Stored dataset items
__________________________________________________

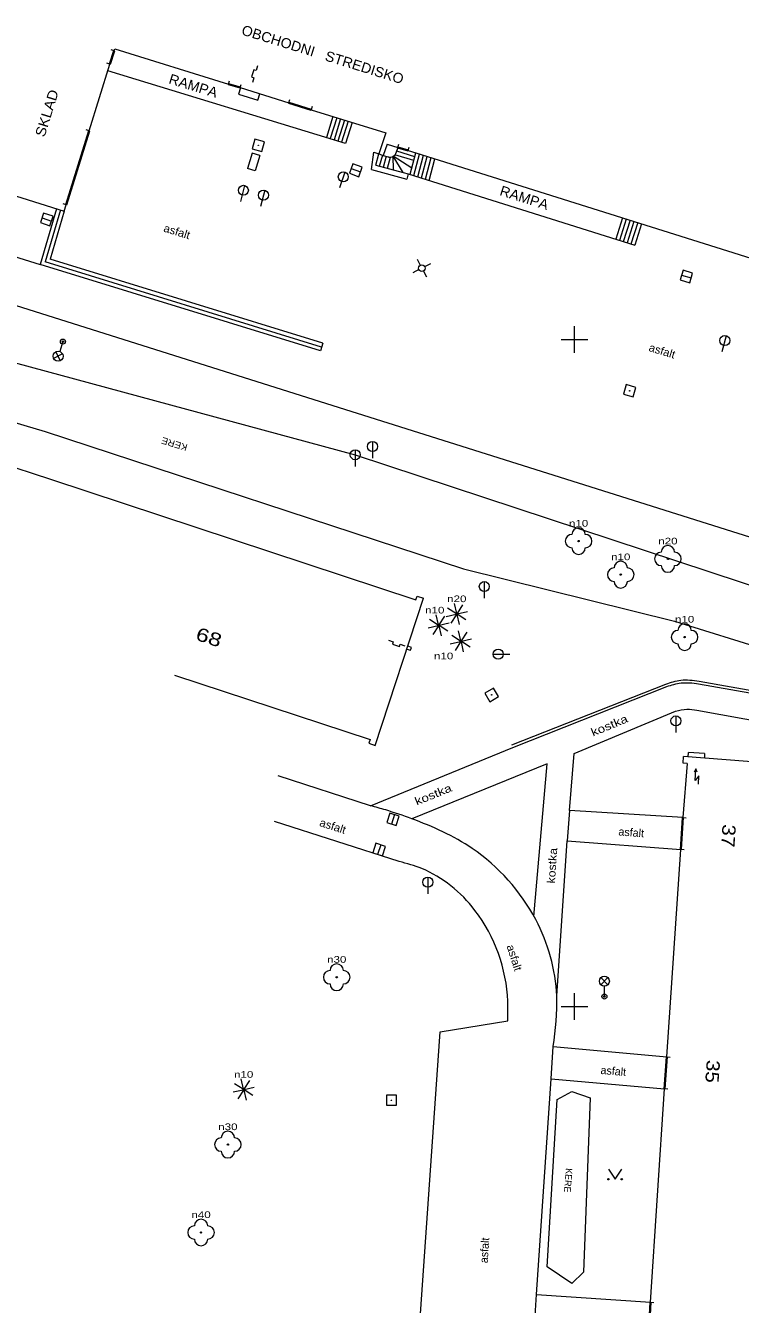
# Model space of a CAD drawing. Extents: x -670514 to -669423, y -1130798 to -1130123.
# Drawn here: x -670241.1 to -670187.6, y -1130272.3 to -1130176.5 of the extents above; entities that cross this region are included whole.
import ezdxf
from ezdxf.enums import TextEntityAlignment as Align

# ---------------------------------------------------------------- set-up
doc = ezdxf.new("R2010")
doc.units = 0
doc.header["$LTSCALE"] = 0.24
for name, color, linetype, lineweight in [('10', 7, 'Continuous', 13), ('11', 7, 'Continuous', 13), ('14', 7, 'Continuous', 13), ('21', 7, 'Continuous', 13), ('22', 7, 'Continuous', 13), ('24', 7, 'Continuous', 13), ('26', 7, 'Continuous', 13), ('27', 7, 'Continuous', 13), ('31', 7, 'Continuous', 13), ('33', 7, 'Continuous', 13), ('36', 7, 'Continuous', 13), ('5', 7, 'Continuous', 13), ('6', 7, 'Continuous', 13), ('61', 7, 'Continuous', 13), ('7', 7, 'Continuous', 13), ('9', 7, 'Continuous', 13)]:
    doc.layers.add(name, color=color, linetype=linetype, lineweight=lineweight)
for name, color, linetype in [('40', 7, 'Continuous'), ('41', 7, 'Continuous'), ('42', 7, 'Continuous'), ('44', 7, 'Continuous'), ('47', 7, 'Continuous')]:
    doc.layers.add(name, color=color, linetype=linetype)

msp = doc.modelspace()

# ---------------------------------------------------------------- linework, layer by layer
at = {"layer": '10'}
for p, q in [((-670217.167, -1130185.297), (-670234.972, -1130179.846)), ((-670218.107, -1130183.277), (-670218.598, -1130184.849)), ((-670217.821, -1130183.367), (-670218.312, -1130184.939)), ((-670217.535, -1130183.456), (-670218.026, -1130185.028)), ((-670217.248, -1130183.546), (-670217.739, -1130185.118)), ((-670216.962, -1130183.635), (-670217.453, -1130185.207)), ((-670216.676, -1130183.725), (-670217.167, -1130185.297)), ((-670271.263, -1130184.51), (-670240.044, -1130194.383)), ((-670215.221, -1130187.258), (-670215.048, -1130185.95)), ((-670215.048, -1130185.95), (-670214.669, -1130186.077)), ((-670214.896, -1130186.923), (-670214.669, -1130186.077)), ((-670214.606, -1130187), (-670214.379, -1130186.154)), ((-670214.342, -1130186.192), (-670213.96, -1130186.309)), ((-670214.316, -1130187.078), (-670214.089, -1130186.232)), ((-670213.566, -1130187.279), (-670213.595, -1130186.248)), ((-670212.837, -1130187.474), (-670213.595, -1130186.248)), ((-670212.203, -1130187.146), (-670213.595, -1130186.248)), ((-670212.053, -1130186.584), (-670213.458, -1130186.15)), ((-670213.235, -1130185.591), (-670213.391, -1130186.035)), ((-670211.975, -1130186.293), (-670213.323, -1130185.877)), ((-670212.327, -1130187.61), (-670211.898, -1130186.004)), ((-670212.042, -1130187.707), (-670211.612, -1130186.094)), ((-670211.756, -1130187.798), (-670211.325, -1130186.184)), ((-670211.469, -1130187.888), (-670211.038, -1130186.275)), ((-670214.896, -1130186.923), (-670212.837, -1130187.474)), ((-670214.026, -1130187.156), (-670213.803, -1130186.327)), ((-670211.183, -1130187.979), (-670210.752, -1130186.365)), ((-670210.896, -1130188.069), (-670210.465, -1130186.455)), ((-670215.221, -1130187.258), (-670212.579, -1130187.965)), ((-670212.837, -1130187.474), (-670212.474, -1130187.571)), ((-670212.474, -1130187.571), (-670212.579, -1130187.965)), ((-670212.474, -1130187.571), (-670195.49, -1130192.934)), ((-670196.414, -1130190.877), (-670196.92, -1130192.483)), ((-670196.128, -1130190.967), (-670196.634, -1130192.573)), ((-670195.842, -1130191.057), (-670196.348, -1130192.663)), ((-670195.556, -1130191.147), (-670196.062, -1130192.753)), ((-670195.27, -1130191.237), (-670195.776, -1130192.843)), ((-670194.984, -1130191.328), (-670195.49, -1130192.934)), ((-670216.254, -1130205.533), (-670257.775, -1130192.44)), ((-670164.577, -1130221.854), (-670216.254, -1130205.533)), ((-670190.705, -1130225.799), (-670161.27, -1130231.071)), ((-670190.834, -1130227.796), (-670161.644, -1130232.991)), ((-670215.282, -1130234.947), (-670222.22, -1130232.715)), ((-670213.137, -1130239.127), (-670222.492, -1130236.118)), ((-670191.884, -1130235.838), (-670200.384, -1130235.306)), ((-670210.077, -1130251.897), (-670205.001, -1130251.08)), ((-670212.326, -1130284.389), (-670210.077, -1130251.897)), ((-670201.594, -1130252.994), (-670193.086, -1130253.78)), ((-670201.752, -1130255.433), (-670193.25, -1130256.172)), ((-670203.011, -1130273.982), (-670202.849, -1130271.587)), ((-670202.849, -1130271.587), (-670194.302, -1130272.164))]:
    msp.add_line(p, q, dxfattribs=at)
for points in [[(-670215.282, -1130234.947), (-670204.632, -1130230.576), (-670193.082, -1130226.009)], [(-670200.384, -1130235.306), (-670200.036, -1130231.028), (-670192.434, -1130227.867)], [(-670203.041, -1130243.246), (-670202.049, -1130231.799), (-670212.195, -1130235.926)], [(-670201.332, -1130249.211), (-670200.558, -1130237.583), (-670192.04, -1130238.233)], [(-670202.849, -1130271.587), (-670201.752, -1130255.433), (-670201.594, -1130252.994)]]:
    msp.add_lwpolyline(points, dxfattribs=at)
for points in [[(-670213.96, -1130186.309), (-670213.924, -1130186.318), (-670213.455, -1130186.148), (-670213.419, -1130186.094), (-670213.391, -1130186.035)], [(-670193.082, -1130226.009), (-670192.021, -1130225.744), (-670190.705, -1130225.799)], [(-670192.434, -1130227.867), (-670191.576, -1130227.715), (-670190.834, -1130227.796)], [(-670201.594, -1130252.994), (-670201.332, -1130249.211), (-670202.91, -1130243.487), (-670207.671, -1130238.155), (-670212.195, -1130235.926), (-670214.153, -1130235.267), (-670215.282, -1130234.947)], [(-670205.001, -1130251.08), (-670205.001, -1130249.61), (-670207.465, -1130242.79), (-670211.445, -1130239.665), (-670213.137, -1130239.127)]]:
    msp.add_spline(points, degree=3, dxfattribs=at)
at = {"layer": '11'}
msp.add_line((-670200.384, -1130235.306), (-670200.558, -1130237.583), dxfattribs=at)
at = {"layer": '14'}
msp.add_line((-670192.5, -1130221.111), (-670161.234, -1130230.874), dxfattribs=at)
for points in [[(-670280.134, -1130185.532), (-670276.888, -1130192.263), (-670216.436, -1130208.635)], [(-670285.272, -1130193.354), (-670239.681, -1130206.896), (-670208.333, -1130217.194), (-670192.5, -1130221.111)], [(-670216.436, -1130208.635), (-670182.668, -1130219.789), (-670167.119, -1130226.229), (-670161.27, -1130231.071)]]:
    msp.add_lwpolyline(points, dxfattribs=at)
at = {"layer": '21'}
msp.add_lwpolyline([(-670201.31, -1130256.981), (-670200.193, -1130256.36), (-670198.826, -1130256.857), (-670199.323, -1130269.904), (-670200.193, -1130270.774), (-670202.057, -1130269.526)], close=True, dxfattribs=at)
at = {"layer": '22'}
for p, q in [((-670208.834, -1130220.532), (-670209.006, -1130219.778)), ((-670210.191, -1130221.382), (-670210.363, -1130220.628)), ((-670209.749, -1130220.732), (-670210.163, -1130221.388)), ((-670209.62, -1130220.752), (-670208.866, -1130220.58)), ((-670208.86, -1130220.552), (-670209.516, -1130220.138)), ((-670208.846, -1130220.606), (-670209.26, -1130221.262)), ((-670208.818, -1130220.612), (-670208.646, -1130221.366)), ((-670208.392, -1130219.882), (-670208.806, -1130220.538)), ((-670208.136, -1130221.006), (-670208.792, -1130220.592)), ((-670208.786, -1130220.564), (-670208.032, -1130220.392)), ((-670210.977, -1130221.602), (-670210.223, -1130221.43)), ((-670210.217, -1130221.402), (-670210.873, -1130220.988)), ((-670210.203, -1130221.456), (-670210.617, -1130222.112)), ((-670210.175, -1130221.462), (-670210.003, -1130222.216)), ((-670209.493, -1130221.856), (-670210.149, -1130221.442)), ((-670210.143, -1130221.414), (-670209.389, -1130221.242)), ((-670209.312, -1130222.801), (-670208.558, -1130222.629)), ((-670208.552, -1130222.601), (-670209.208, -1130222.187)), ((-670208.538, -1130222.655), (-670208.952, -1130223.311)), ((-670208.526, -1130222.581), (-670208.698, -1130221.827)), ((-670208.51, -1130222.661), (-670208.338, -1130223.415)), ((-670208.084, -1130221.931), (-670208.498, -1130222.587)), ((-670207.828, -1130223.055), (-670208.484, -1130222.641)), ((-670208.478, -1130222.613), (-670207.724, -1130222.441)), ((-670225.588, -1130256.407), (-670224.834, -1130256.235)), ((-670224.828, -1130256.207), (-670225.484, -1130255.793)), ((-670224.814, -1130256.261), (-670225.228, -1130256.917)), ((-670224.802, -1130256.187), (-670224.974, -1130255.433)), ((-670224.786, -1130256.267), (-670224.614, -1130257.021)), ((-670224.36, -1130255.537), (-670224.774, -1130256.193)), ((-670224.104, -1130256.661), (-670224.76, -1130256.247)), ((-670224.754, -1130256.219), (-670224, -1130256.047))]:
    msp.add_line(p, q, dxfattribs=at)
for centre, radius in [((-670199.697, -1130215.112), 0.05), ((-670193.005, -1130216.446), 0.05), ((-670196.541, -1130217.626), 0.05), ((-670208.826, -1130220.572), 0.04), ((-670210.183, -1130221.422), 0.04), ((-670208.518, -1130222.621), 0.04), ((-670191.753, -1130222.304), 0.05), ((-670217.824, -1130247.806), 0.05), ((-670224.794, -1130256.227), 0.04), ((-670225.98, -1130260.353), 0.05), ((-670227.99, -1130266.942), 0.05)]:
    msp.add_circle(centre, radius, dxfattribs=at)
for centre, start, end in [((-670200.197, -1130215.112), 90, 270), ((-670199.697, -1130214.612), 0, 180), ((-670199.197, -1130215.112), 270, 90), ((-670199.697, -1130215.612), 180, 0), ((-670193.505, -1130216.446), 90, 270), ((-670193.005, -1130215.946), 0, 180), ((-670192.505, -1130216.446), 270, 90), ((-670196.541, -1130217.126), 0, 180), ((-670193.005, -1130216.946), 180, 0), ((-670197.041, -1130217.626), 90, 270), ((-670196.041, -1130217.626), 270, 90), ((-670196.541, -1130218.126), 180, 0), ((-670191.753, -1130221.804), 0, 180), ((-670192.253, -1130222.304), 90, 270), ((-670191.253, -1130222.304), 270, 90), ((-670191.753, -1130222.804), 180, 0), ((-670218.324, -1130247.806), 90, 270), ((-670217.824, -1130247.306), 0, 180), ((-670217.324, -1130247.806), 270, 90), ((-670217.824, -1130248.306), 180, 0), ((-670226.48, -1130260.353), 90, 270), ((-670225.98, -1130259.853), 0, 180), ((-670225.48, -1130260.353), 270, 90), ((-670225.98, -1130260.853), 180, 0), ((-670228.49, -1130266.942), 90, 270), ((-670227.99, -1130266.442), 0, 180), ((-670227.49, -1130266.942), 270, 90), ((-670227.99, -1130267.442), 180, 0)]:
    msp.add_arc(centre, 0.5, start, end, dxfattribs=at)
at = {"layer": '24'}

__________________________________________________

### WHAT IS REQUIRED
Pictures are to be left out; otherwise, retype exactly the lines from the first line of the data through the line containing "doc.units = 0".

### RESPONSE BELOW
# Model space of a CAD drawing. Extents: x -670514 to -669423, y -1130798 to -1130123.
# Drawn here: x -670241.1 to -670187.6, y -1130272.3 to -1130176.5 of the extents above; entities that cross this region are included whole.
import ezdxf
from ezdxf.enums import TextEntityAlignment as Align

# ---------------------------------------------------------------- set-up
doc = ezdxf.new("R2010")
doc.units = 0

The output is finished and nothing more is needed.